D. Hubungan antara iman, ilmu dan amal................................................. 8         
BAB III PENUTUP ............................................................................... 14
A. Kesimpulan .......................................................................................... 14
B.  Saran .................................................................................................... 15
DAFTAR PUSTAKA


BAB I
PENDAHULUAN
A.    Latar Belakang
Manusia dalam kehidupannya perlu akan konsep hidup, yang akan memberikan gambaran secara jelas tentang bagaimana manusia dalam berkehidupan yang harmonis dengan Tuhan dan Manusia serta alam sekitarnya. Konsep hidup ini bekerja secara berkesinambungan dan mengalami pembaharuan dalam implikasinya sesuai dengan tuntutan zamannya.
Sebagai dasar kebenaran, maka konsepsi Iman menjadi landasan kebenaran pada kebenaran mutlak. Kebenaran menjadi titik ideal yang manusia perlu mengindahkannya, titik ideal ini menjadi dasar konsepsi atau sumber nilai yang menentukan kerja amal manusia sesuai dengan kebenaran.
Kebenaran yang menjadi dasar tidak serta-merta "ada", namun ikhtiar manusia sebagai subjek kehidupan yang memiliki kehendak bebas serta berpikir bebas selalu mencoba mendekatkan diri pada kebenaran melalui ilmu. Sebagai sarana pendekatan diri pada kebenaran, ilmu pengetahuan sebagai pangkal bahwa manusia sebagai makhluk Tuhan secara masif mendekatkan dirinya melalui pencarian kebenaran atau pembelajaran.
Ilmu sebagai cahaya pencerah akal manusia pada kebenaran, maka ilmu akan senantiasa membawa manusia pada pribadi yang bernilai. Manusia yang bernilai adalah manusia yang melakukan kerja kemanusiaan atau amal. Ilmu akan menjadi hidup dengan membumikan ilmu dalam pola pikir dan pola tindak manusia. 
Konsepsi yang menjadi dasar perencanaan manusia secara hirarki dan simultan memberikan kesinambungan gerak pikir dan gerak tindak perlu dibumikan dalam diri manusia itu sendiri.
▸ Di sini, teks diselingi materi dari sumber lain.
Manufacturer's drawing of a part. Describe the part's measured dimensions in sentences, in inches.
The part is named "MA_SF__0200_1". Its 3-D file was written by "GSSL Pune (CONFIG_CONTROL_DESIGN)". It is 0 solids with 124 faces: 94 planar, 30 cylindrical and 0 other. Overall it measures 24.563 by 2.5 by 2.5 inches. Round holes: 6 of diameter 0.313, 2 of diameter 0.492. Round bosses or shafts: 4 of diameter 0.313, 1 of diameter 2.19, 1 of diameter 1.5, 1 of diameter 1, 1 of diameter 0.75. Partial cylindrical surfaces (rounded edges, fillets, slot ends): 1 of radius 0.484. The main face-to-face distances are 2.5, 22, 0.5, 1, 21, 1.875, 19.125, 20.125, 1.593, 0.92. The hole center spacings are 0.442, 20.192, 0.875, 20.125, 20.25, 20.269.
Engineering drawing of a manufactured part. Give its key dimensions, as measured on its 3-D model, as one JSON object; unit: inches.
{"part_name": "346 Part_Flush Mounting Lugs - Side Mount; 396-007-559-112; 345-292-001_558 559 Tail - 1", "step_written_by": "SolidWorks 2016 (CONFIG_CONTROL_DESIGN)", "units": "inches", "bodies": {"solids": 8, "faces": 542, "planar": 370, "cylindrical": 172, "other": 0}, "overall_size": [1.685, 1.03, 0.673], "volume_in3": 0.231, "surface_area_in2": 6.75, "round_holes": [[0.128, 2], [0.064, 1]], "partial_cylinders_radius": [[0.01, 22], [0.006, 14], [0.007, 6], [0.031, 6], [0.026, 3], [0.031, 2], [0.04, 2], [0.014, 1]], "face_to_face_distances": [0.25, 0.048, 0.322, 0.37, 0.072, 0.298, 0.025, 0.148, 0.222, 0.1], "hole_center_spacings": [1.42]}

Seperti konsepsi Marx, tentang pertentangan klas, bahwa manusia yang berada dalam klas-klas tertentu berubah dengan manusia yang tanpa klas. Konsepsi Marx dapat dikatakan sosialis. Seperti itu halnya, manusia yang beragama (Berkebenaran) harus memiliki konsep hidup yang mencerminkan suatu karakter manusia yang cenderung pada kebenaran.

B.     Rumusan Masalah
1.      apa itu iman, ilmu dan amal?
2.      Bagaimana hubungan iman, ilmu, dan amal sebagai pikir peradaban?

C.     Tujuan Penulisan
1.      Mengetahui definisi iman, almu dan amal.
2.      mengetahui hubungan iman, ilmu dan amal pada pikir peradaban.














BAB II
PEMBAHASAN
A.    IMAN
Pengertian iman dari bahasa Arab yang artinya percaya. Sedangkan menurut istilah, pengertian iman adalah membenarkan dengan hati, diucapkan dengan lisan, dan diamalkan dengan tindakan (perbuatan). Dengan demikian, pengertian iman kepada Allah adalah membenarkan dengan hati bahwa Allah itu benar-benar ada dengan segala sifat keagungan dan kesempurnaanNya, kemudian pengakuan itu diikrarkan dengan lisan, serta dibuktikan dengan amal perbuatan secara nyata.
Jadi, seseorang dapat dikatakan sebagai mukmin (orang yang beriman) sempurna apabila memenuhi ketiga unsur keimanan di atas. Apabila seseorang mengakui dalam hatinya tentang keberadaan Allah, tetapi tidak diikrarkan dengan lisan dan dibuktikan dengan amal perbuatan, maka orang tersebut tidak dapat dikatakan sebagai mukmin yang sempurna. Sebab, ketiga unsur keimanan tersebut merupakan satu kesatuan yang utuh dan tidak dapat dipisahkan.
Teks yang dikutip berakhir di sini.